**What you have to do:** Copy each line of the records that holds the string "surface".

(The data begins)

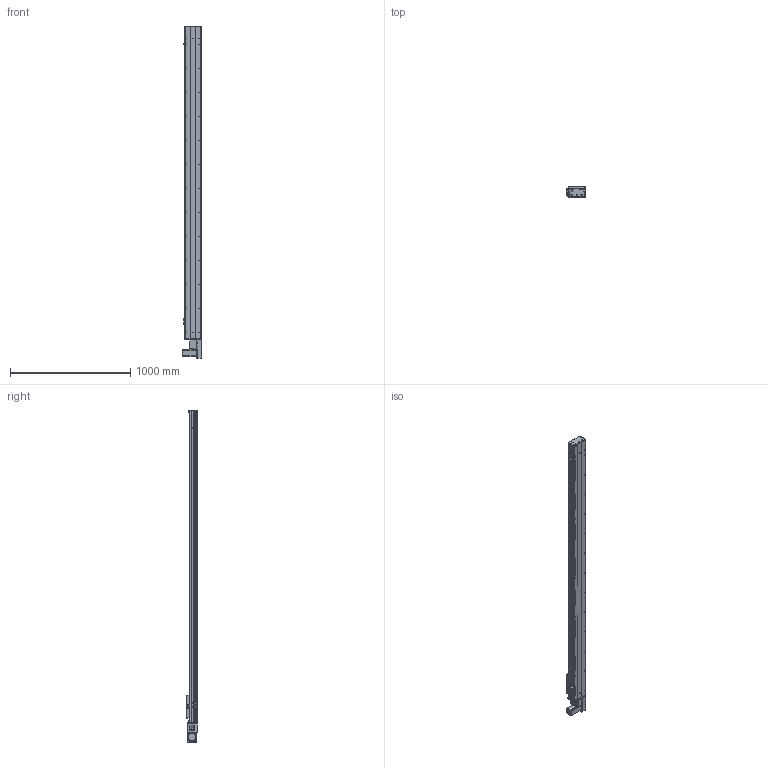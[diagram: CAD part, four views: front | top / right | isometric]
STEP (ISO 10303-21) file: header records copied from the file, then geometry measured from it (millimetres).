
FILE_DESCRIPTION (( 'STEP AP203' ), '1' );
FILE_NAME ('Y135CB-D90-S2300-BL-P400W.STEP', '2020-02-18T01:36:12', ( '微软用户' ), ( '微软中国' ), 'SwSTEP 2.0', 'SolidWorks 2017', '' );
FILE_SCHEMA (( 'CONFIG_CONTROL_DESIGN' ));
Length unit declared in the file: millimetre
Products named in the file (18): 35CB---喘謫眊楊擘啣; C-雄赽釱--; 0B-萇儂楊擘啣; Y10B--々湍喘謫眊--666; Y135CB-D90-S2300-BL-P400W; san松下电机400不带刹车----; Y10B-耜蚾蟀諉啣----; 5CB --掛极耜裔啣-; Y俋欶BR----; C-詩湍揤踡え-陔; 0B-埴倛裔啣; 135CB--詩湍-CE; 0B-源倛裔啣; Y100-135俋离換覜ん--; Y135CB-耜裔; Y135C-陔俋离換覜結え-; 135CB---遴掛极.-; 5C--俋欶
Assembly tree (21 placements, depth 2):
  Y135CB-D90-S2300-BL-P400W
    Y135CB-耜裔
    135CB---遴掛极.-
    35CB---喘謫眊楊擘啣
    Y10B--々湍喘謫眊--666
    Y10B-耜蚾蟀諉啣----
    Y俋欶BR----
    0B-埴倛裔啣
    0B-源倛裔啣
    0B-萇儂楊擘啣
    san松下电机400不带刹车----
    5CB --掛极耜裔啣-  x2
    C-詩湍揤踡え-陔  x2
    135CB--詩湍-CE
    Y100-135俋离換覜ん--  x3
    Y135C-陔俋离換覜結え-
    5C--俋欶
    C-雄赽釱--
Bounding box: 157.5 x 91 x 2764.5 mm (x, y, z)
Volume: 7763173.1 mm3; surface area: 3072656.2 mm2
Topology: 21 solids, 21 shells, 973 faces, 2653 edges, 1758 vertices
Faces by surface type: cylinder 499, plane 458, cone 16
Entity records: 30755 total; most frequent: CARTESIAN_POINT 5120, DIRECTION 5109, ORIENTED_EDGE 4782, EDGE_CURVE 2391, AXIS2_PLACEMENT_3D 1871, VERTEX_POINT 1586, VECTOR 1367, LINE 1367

(The data ends)

**Reply:**
Volume: 7763173.1 mm3; surface area: 3072656.2 mm2
Faces by surface type: cylinder 499, plane 458, cone 16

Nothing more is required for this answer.